TASK STATEMENT - Extract every line starting at the line that contains "IGES file: header" and ending with the final line of the data, inclusive; give only those lines, word for word.

RECORDS PROVIDED section start

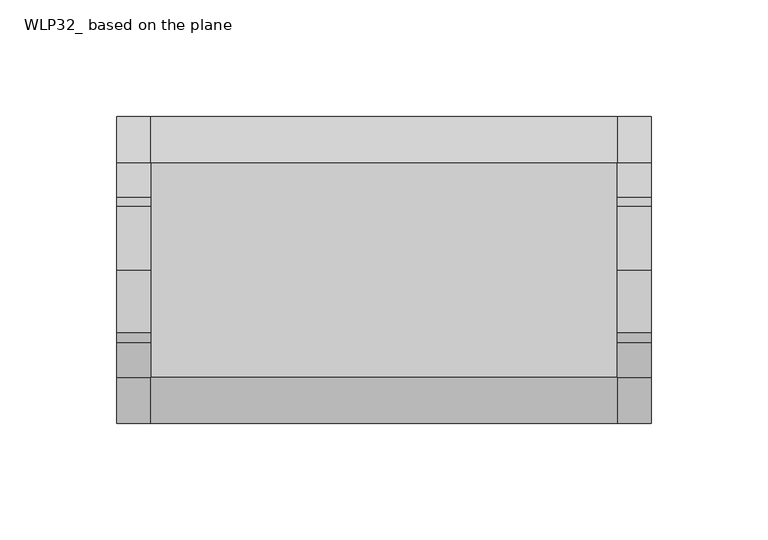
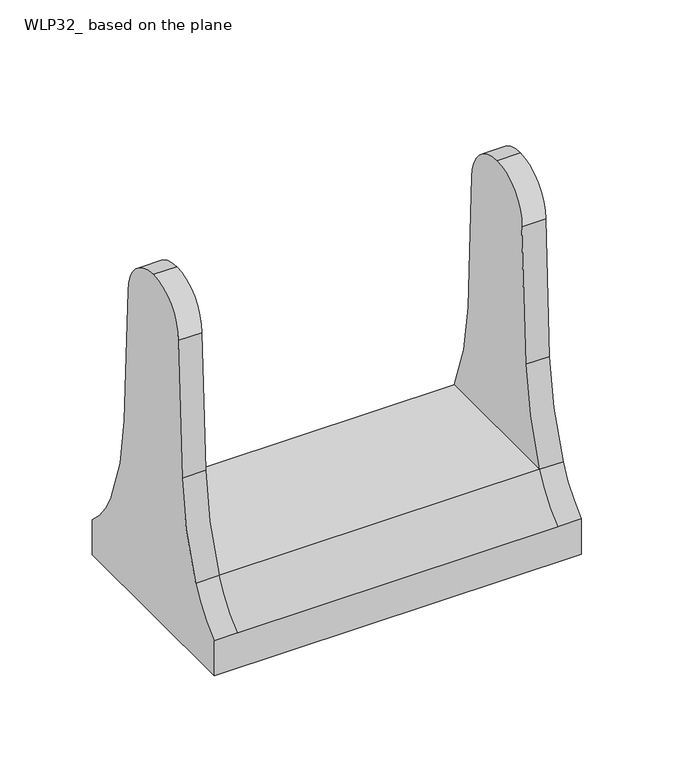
"""IFC4 building model written with IfcOpenShell, lengths in millimetres: light fixture geometry, WLP32_ based on the plane : WLP32-80W-T40."""

from ifc_helpers import new_model, si_unit, point, frame, frame_2d, origin, origin_2d, place, context, project, spatial, polyline, circle_curve, trimmed, segment, composite_curve, outline, extrude, source, transform, mapped, element, save
from ifc_brep_helpers import plane_surface, cylinder_surface, revolved_surface, advanced_brep


def wlp32_based_on_the_plane_fb6c3ec3(model_context):
    return source(origin(), model_context, "Body", "SolidModel", [
        extrude(outline(polyline([(-77.4999981, 46.0837738), (77.4999252, 46.0837738), (77.4999252, -46.0837738), (-77.4999981, -46.0837738), (-77.4999981, 46.0837738)]), holes=[composite_curve([segment(polyline([(-9.5000019, -23.1246944), (-9.5000019, -33.4999695)]), True, "CONTINUOUS"), segment(trimmed(circle_curve(frame_2d((0.0, -33.4999695)), 9.5000019), [point((-9.5000019, -33.4999695))], [point((9.5000019, -33.4999695))], True, "CARTESIAN"), True, "CONTINUOUS"), segment(polyline([(9.5000019, -33.4999695), (9.5000019, -23.1246944)]), True, "CONTINUOUS"), segment(trimmed(circle_curve(origin_2d(), 25.0000305), [point((9.5000019, -23.1246944))], [point((-9.5000019, -23.1246944))], True, "CARTESIAN"), True, "CONTINUOUS")], self_intersect=False), composite_curve([segment(trimmed(circle_curve(frame_2d((67.5000019, 40.0208969)), 2.479126), [point((67.5000019, 37.5417709))], [point((67.5000019, 42.5000229))], True, "CARTESIAN"), True, "CONTINUOUS"), segment(polyline([(67.5000019, 42.5000229), (61.4419666, 42.5000229)]), True, "CONTINUOUS"), segment(trimmed(circle_curve(frame_2d((61.4419666, 40.0208969)), 2.479126), [point((61.4419666, 42.5000229))], [point((61.4419666, 37.5417709))], True, "CARTESIAN"), True, "CONTINUOUS"), segment(polyline([(61.4419666, 37.5417709), (67.5000019, 37.5417709)]), True, "CONTINUOUS")], self_intersect=False), composite_curve([segment(polyline([(67.5000019, -37.5417709), (61.4419666, -37.5417709)]), True, "CONTINUOUS"), segment(trimmed(circle_curve(frame_2d((61.4419666, -40.0208969)), 2.479126), [point((61.4419666, -37.5417709))], [point((61.4419666, -42.5000229))], True, "CARTESIAN"), True, "CONTINUOUS"), segment(polyline([(61.4419666, -42.5000229), (67.5000019, -42.5000229)]), True, "CONTINUOUS"), segment(trimmed(circle_curve(frame_2d((67.5000019, -40.0208969)), 2.479126), [point((67.5000019, -42.5000229))], [point((67.5000019, -37.5417709))], True, "CARTESIAN"), True, "CONTINUOUS")], self_intersect=False), composite_curve([segment(polyline([(-67.5000019, 37.5417709), (-61.4419666, 37.5417709)]), True, "CONTINUOUS"), segment(trimmed(circle_curve(frame_2d((-61.4419666, 40.0208969)), 2.479126), [point((-61.4419666, 37.5417709))], [point((-61.4419666, 42.5000229))], True, "CARTESIAN"), True, "CONTINUOUS"), segment(polyline([(-61.4419666, 42.5000229), (-67.5000019, 42.5000229)]), True, "CONTINUOUS"), segment(trimmed(circle_curve(frame_2d((-67.5000019, 40.0208969)), 2.479126), [point((-67.5000019, 42.5000229))], [point((-67.5000019, 37.5417709))], True, "CARTESIAN"), True, "CONTINUOUS")], self_intersect=False), composite_curve([segment(trimmed(circle_curve(frame_2d((-67.5000019, -40.0208969)), 2.479126), [point((-67.5000019, -37.5417709))], [point((-67.5000019, -42.5000229))], True, "CARTESIAN"), True, "CONTINUOUS"), segment(polyline([(-67.5000019, -42.5000229), (-61.4419666, -42.5000229)]), True, "CONTINUOUS"), segment(trimmed(circle_curve(frame_2d((-61.4419666, -40.0208969)), 2.479126), [point((-61.4419666, -42.5000229))], [point((-61.4419666, -37.5417709))], True, "CARTESIAN"), True, "CONTINUOUS"), segment(polyline([(-61.4419666, -37.5417709), (-67.5000019, -37.5417709)]), True, "CONTINUOUS")], self_intersect=False), composite_curve([segment(trimmed(circle_curve(frame_2d((21.5243387, 27.8844687)), 2.4983204), [point((22.7380905, 30.068138))], [point((19.7538223, 26.1218353))], True, "CARTESIAN"), True, "CONTINUOUS"), segment(trimmed(circle_curve(origin_2d(), 32.7500194), [point((19.7538223, 26.1218353))], [point((26.028187, 19.8770535))], False, "CARTESIAN"), True, "CONTINUOUS"), segment(trimmed(circle_curve(frame_2d((27.8943475, 21.5093333)), 2.4792927), [point((26.028187, 19.8770535))], [point((29.960342, 22.8799386))], True, "CARTESIAN"), True, "CONTINUOUS"), segment(trimmed(circle_curve(origin_2d(), 37.6976615), [point((29.960342, 22.8799386))], [point((22.7380905, 30.068138))], True, "CARTESIAN"), True, "CONTINUOUS")], self_intersect=False), composite_curve([segment(trimmed(circle_curve(origin_2d(), 41.9438462), [point((25.9620034, 32.9432939))], [point((32.9315562, 25.9768906))], False, "CARTESIAN"), True, "CONTINUOUS"), segment(trimmed(circle_curve(frame_2d((34.7568286, 27.724914)), 2.5272921), [point((32.9315562, 25.9768906))], [point((36.8818491, 29.0929391))], True, "CARTESIAN"), True, "CONTINUOUS"), segment(trimmed(circle_curve(origin_2d(), 46.9752052), [point((36.8818491, 29.0929391))], [point((29.0762661, 36.8949949))], True, "CARTESIAN"), True, "CONTINUOUS"), segment(trimmed(circle_curve(frame_2d((27.7326932, 34.750843)), 2.5303312), [point((29.0762661, 36.8949949))], [point((25.9620034, 32.9432939))], True, "CARTESIAN"), True, "CONTINUOUS")], self_intersect=False), composite_curve([segment(trimmed(circle_curve(origin_2d(), 37.6976615), [point((-22.7380905, 30.068138))], [point((-29.960342, 22.8799386))], True, "CARTESIAN"), True, "CONTINUOUS"), segment(trimmed(circle_curve(frame_2d((-27.8943475, 21.5093333)), 2.4792927), [point((-29.960342, 22.8799386))], [point((-26.028187, 19.8770535))], True, "CARTESIAN"), True, "CONTINUOUS"), segment(trimmed(circle_curve(origin_2d(), 32.7500194), [point((-26.028187, 19.8770535))], [point((-19.7538223, 26.1218353))], False, "CARTESIAN"), True, "CONTINUOUS"), segment(trimmed(circle_curve(frame_2d((-21.5243387, 27.8844687)), 2.4983204), [point((-19.7538223, 26.1218353))], [point((-22.7380905, 30.068138))], True, "CARTESIAN"), True, "CONTINUOUS")], self_intersect=False), composite_curve([segment(trimmed(circle_curve(frame_2d((-27.7326932, 34.750843)), 2.5303312), [point((-25.9620034, 32.9432939))], [point((-29.0762661, 36.8949949))], True, "CARTESIAN"), True, "CONTINUOUS"), segment(trimmed(circle_curve(origin_2d(), 46.9752052), [point((-29.0762661, 36.8949949))], [point((-36.8818491, 29.0929391))], True, "CARTESIAN"), True, "CONTINUOUS"), segment(trimmed(circle_curve(frame_2d((-34.7568286, 27.724914)), 2.5272921), [point((-36.8818491, 29.0929391))], [point((-32.9315562, 25.9768906))], True, "CARTESIAN"), True, "CONTINUOUS"), segment(trimmed(circle_curve(origin_2d(), 41.9438462), [point((-32.9315562, 25.9768906))], [point((-25.9620034, 32.9432939))], False, "CARTESIAN"), True, "CONTINUOUS")], self_intersect=False), composite_curve([segment(trimmed(circle_curve(origin_2d(), 37.6976615), [point((22.7380905, -30.068138))], [point((29.960342, -22.8799386))], True, "CARTESIAN"), True, "CONTINUOUS"), segment(trimmed(circle_curve(frame_2d((27.8943475, -21.5093333)), 2.4792927), [point((29.960342, -22.8799386))], [point((26.028187, -19.8770535))], True, "CARTESIAN"), True, "CONTINUOUS"), segment(trimmed(circle_curve(origin_2d(), 32.7500194), [point((26.028187, -19.8770535))], [point((19.7538223, -26.1218353))], False, "CARTESIAN"), True, "CONTINUOUS"), segment(trimmed(circle_curve(frame_2d((21.5243387, -27.8844687)), 2.4983204), [point((19.7538223, -26.1218353))], [point((22.7380905, -30.068138))], True, "CARTESIAN"), True, "CONTINUOUS")], self_intersect=False), composite_curve([segment(trimmed(circle_curve(frame_2d((27.7326932, -34.750843)), 2.5303312), [point((25.9620034, -32.9432939))], [point((29.0762661, -36.8949949))], True, "CARTESIAN"), True, "CONTINUOUS"), segment(trimmed(circle_curve(origin_2d(), 46.9752052), [point((29.0762661, -36.8949949))], [point((36.8818491, -29.0929391))], True, "CARTESIAN"), True, "CONTINUOUS"), segment(trimmed(circle_curve(frame_2d((34.7568286, -27.724914)), 2.5272921), [point((36.8818491, -29.0929391))], [point((32.9315562, -25.9768906))], True, "CARTESIAN"), True, "CONTINUOUS"), segment(trimmed(circle_curve(origin_2d(), 41.9438462), [point((32.9315562, -25.9768906))], [point((25.9620034, -32.9432939))], False, "CARTESIAN"), True, "CONTINUOUS")], self_intersect=False), composite_curve([segment(trimmed(circle_curve(frame_2d((-21.5243387, -27.8844687)), 2.4983204), [point((-22.7380905, -30.068138))], [point((-19.7538223, -26.1218353))], True, "CARTESIAN"), True, "CONTINUOUS"), segment(trimmed(circle_curve(origin_2d(), 32.7500194), [point((-19.7538223, -26.1218353))], [point((-26.028187, -19.8770535))], False, "CARTESIAN"), True, "CONTINUOUS"), segment(trimmed(circle_curve(frame_2d((-27.8943475, -21.5093333)), 2.4792927), [point((-26.028187, -19.8770535))], [point((-29.960342, -22.8799386))], True, "CARTESIAN"), True, "CONTINUOUS"), segment(trimmed(circle_curve(origin_2d(), 37.6976615), [point((-29.960342, -22.8799386))], [point((-22.7380905, -30.068138))], True, "CARTESIAN"), True, "CONTINUOUS")], self_intersect=False), composite_curve([segment(trimmed(circle_curve(origin_2d(), 41.9438462), [point((-25.9620034, -32.9432939))], [point((-32.9315562, -25.9768906))], False, "CARTESIAN"), True, "CONTINUOUS"), segment(trimmed(circle_curve(frame_2d((-34.7568286, -27.724914)), 2.5272921), [point((-32.9315562, -25.9768906))], [point((-36.8818491, -29.0929391))], True, "CARTESIAN"), True, "CONTINUOUS"), segment(trimmed(circle_curve(origin_2d(), 46.9752052), [point((-36.8818491, -29.0929391))], [point((-29.0762661, -36.8949949))], True, "CARTESIAN"), True, "CONTINUOUS"), segment(trimmed(circle_curve(frame_2d((-27.7326932, -34.750843)), 2.5303312), [point((-29.0762661, -36.8949949))], [point((-25.9620034, -32.9432939))], True, "CARTESIAN"), True, "CONTINUOUS")], self_intersect=False)]), frame((0.0, 0.0, 4.0887742), z_axis=(0.0, 0.0, 1.0), x_axis=(1.0, 0.0, 0.0)), (0.0, 0.0, 1.0), 3.4449947),
        advanced_brep(
        [(-114.696875, -65.88125, 0.0), (-114.696875, 65.88125, 0.0), (114.696875, 65.88125, 0.0), (114.696875, -65.88125, 0.0), (-100.0000057, -46.0837738, 0.0), (100.0000057, -46.0837738, 0.0), (100.0000057, 46.0837738, 0.0), (-100.0000057, 46.0837738, 0.0), (-100.0000057, 65.88125, 23.1485712), (100.0000057, 65.88125, 23.1485712), (114.696875, 65.88125, 23.1485712), (-114.696875, 65.88125, 23.1485712), (-100.0000057, 46.0837738, 48.9999928), (100.0000057, 46.0837738, 48.9999928), (100.0000057, -46.0837738, 48.9999928), (-100.0000057, -46.0837738, 48.9999928), (-100.0000057, -65.88125, 23.1485712), (100.0000057, -65.88125, 23.1485712), (-114.696875, -65.88125, 23.1485712), (114.696875, -65.88125, 23.1485712), (-100.0000057, 46.0837738, 20.4999812), (100.0000057, 46.0837738, 20.4999812), (100.0000057, -46.0837738, 20.4999812), (-100.0000057, -46.0837738, 20.4999812), (114.696875, 46.0837738, 48.9999928), (114.696875, 31.1662216, 109.409161), (114.696875, 27.1380505, 197.8729798), (114.696875, 0.0, 225.0110303), (114.696875, -27.1380505, 197.8729798), (114.696875, -31.1662216, 109.409161), (114.696875, -46.0837738, 48.9999928), (100.0000057, -31.1662216, 109.409161), (100.0000057, -27.1380505, 197.8729798), (100.0000057, 0.0, 225.0110303), (100.0000057, 27.1380505, 197.8729798), (100.0000057, 31.1662216, 109.409161), (-100.0000057, 31.1662216, 109.409161), (-100.0000057, 27.1380505, 197.8729798), (-100.0000057, 0.0, 225.0110303), (-100.0000057, -27.1380505, 197.8729798), (-100.0000057, -31.1662216, 109.409161), (-114.696875, -46.0837738, 48.9999928), (-114.696875, -31.1662216, 109.409161), (-114.696875, -27.1380505, 197.8729798), (-114.696875, 0.0, 225.0110303), (-114.696875, 27.1380505, 197.8729798), (-114.696875, 31.1662216, 109.409161), (-114.696875, 46.0837738, 48.9999928)],
        [
            (0, 1),
            (1, 2),
            (2, 3),
            (3, 0),
            (4, 5),
            (5, 6),
            (6, 7),
            (7, 4),
            (8, 9),
            (9, 10),
            (10, 2),
            (1, 11),
            (11, 8),
            (8, 12, circle_curve(frame((-100.0000057, 111.2522031, 78.4007897), z_axis=(-1.0, 0.0, 0.0), x_axis=(0.0, 0.0, -1.0)), 71.4935734)),
            (12, 13),
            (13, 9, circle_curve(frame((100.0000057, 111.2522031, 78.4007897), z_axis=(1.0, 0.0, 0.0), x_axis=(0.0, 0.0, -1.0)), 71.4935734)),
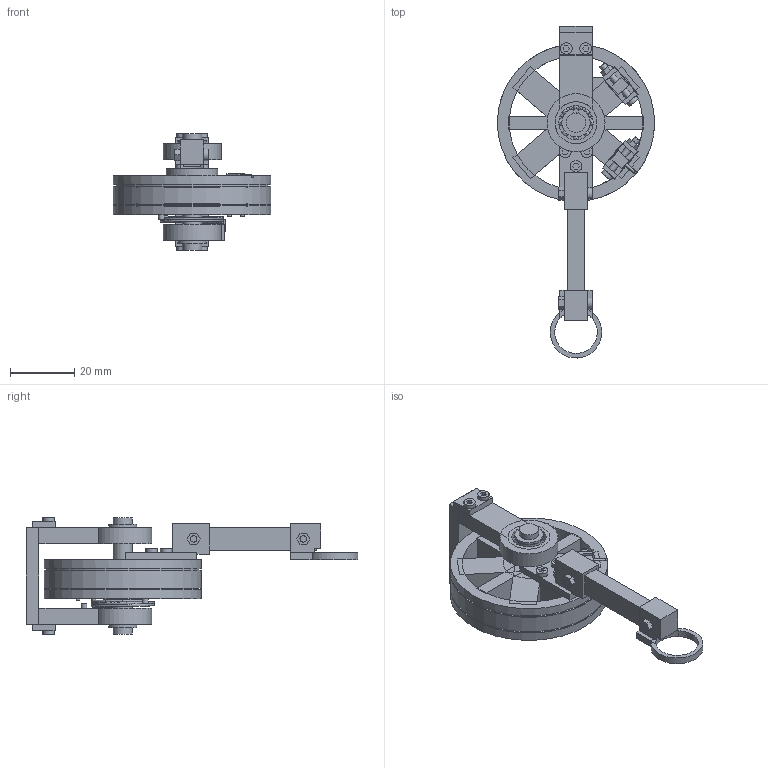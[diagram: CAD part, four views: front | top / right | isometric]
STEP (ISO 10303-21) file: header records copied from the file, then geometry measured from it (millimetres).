
FILE_DESCRIPTION(('Open CASCADE Model'),'2;1');
FILE_NAME('Open CASCADE Shape Model','2026-11-03T08:07:00',('Author'),( 'Open CASCADE'),'Open CASCADE STEP processor 7.9','Open CASCADE 7.9' ,'Unknown');
FILE_SCHEMA(('AUTOMOTIVE_DESIGN { 1 0 10303 214 1 1 1 1 }'));
Length unit declared in the file: millimetre
Products named in the file (44): wood_leg_joint; j_rear_fork; j_front_fork; j_bridge; j_bearing_0; j_bearing_1; j_wheel; j_axle; j_cross_pin; j_collar_0; j_axial_shim_0; j_collar_1; j_axial_shim_1; j_upper_cap; j_wood; j_lower_cap; j_cap_bolt_0; j_cap_bolt_1; j_cap_bolt_2; j_wood_pin_0; j_wood_nut_0; j_wood_pin_1; j_wood_nut_1; j_anchor_frame_0; j_anchor_block_0; j_anchor_screw_0; j_anchor_nut_0; j_anchor_mount_0_0; j_anchor_mount_0_1; j_anchor_tail_0; j_anchor_frame_1; j_anchor_block_1; j_anchor_screw_1; j_anchor_nut_1; j_anchor_mount_1_0; j_anchor_mount_1_1; j_anchor_tail_1; j_optional_spring; j_spring_fixed_pin; j_spring_moving_pin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
Assembly tree (43 placements, depth 2):
  wood_leg_joint
    j_rear_fork
    j_front_fork
    j_bridge
    j_bearing_0
    j_bearing_1
    j_wheel
    j_axle
    j_cross_pin
    j_collar_0
    j_axial_shim_0
    j_collar_1
    j_axial_shim_1
    j_upper_cap
    j_wood
    j_lower_cap
    j_cap_bolt_0
    j_cap_bolt_1
    j_cap_bolt_2
    j_wood_pin_0
    j_wood_nut_0
    j_wood_pin_1
    j_wood_nut_1
    j_anchor_frame_0
    j_anchor_block_0
    j_anchor_screw_0
    j_anchor_nut_0
    j_anchor_mount_0_0
    j_anchor_mount_0_1
    j_anchor_tail_0
    j_anchor_frame_1
    j_anchor_block_1
    j_anchor_screw_1
    j_anchor_nut_1
    j_anchor_mount_1_0
    j_anchor_mount_1_1
    j_anchor_tail_1
    j_optional_spring
    j_spring_fixed_pin
    j_spring_moving_pin
    j_fork_screw_0
    j_fork_screw_1
    j_fork_screw_2
    j_fork_screw_3
Bounding box: 48.8 x 102.99 x 36.6 mm (x, y, z)
Volume: 25663.5 mm3; surface area: 21667.5 mm2
Topology: 61 solids, 61 shells, 691 faces, 1524 edges, 949 vertices
Faces by surface type: plane 527, cylinder 138, sphere 16, torus 8, bspline 2
Full cylindrical faces by diameter (mm): 0.66 x1, 0.8 x2, 1.04 x1, 1.1 x2, 1.2 x8, 1.3 x4, 1.6 x4, 1.8 x2, 1.9 x1, 2 x17, 2.1 x9, 2.16 x4, 2.2 x15, 3.6 x11, 5.4 x2, 6 x5, 6.05 x1, 6.1 x2, 8.5 x6, 10.7 x4, 13 x4, 48.8 x3
Entity records: 40923 total; most frequent: CARTESIAN_POINT 8167, DIRECTION 6073, LINE 3333, VECTOR 3333, ORIENTED_EDGE 3016, PCURVE 3016, DEFINITIONAL_REPRESENTATION 3016, EDGE_CURVE 1508
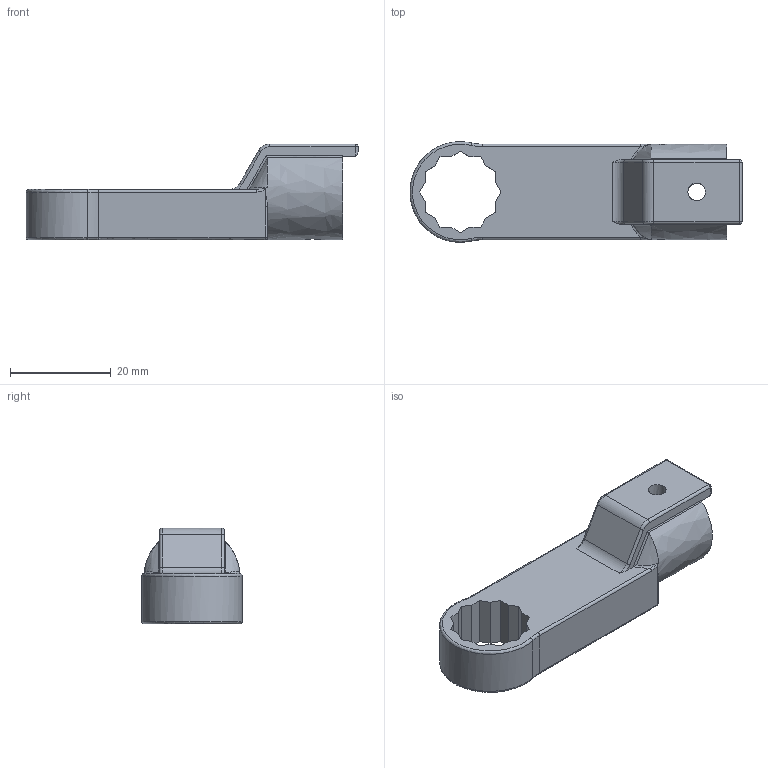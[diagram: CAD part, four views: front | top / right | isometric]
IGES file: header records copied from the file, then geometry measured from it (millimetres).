
Global section: file name: RH12DX14; native system: Autodesk Inventor 2016; preprocessor: unknown; author: Q532; date: 20151110.160541; units: millimetre
Bounding box: 66 x 19.96 x 19 mm (x, y, z)
Volume: 10136.6 mm3; surface area: 4983.9 mm2
Topology: 1 solids, 1 shells, 93 faces, 251 edges, 154 vertices
Faces by surface type: bspline 93

RECORDS PROVIDED section end

ANSWER BELOW -
IGES file: header records copied from the file, then geometry measured from it (millimetres).
Global section: file name: RH12DX14; native system: Autodesk Inventor 2016; preprocessor: unknown; author: Q532; date: 20151110.160541; units: millimetre
Bounding box: 66 x 19.96 x 19 mm (x, y, z)
Volume: 10136.6 mm3; surface area: 4983.9 mm2
Topology: 1 solids, 1 shells, 93 faces, 251 edges, 154 vertices
Faces by surface type: bspline 93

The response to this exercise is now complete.